-- Opening Marker --

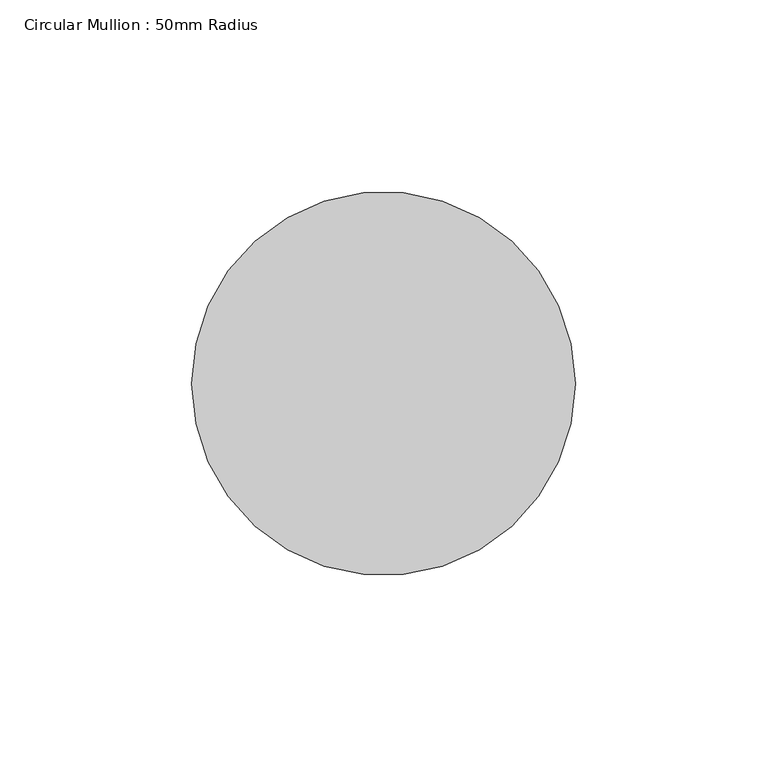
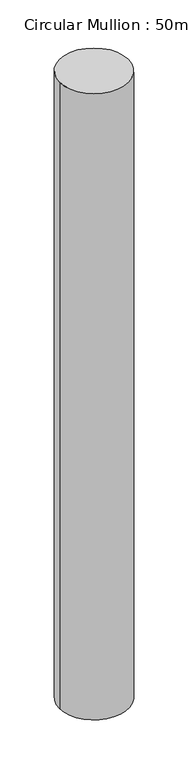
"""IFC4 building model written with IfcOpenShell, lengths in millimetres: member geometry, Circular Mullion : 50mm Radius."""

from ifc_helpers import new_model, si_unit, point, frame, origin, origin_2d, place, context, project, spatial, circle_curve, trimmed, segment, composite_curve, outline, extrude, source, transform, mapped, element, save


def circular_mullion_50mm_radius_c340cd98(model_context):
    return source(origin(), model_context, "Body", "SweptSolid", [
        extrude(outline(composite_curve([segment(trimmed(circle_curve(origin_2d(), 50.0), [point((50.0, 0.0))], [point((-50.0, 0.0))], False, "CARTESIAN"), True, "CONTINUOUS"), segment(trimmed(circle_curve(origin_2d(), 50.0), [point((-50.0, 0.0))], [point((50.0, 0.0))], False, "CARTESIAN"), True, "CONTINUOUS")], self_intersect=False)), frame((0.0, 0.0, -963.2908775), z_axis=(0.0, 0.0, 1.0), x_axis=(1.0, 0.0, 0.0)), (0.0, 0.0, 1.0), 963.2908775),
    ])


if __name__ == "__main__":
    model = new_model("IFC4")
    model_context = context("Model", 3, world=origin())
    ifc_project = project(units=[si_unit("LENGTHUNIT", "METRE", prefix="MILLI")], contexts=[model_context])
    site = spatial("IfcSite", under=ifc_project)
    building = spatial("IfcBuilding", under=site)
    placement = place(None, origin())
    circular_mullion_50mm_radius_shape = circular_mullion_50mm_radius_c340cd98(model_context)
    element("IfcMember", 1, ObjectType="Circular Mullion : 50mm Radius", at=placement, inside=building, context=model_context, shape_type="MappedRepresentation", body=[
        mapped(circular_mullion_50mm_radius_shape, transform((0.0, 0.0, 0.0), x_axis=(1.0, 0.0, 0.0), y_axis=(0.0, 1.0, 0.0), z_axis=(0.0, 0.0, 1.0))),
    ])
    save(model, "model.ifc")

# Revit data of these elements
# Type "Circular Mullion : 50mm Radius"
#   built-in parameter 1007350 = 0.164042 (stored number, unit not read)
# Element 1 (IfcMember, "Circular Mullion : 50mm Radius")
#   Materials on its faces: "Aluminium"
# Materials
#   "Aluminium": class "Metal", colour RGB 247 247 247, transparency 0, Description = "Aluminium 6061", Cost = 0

-- Closing Marker --

[WHAT YOU NEED TO DO] Find the string "save" in the material above, and report every line where it occurs.

[WRITTEN RESPONSE]
from ifc_helpers import new_model, si_unit, point, frame, origin, origin_2d, place, context, project, spatial, circle_curve, trimmed, segment, composite_curve, outline, extrude, source, transform, mapped, element, save
    save(model, "model.ifc")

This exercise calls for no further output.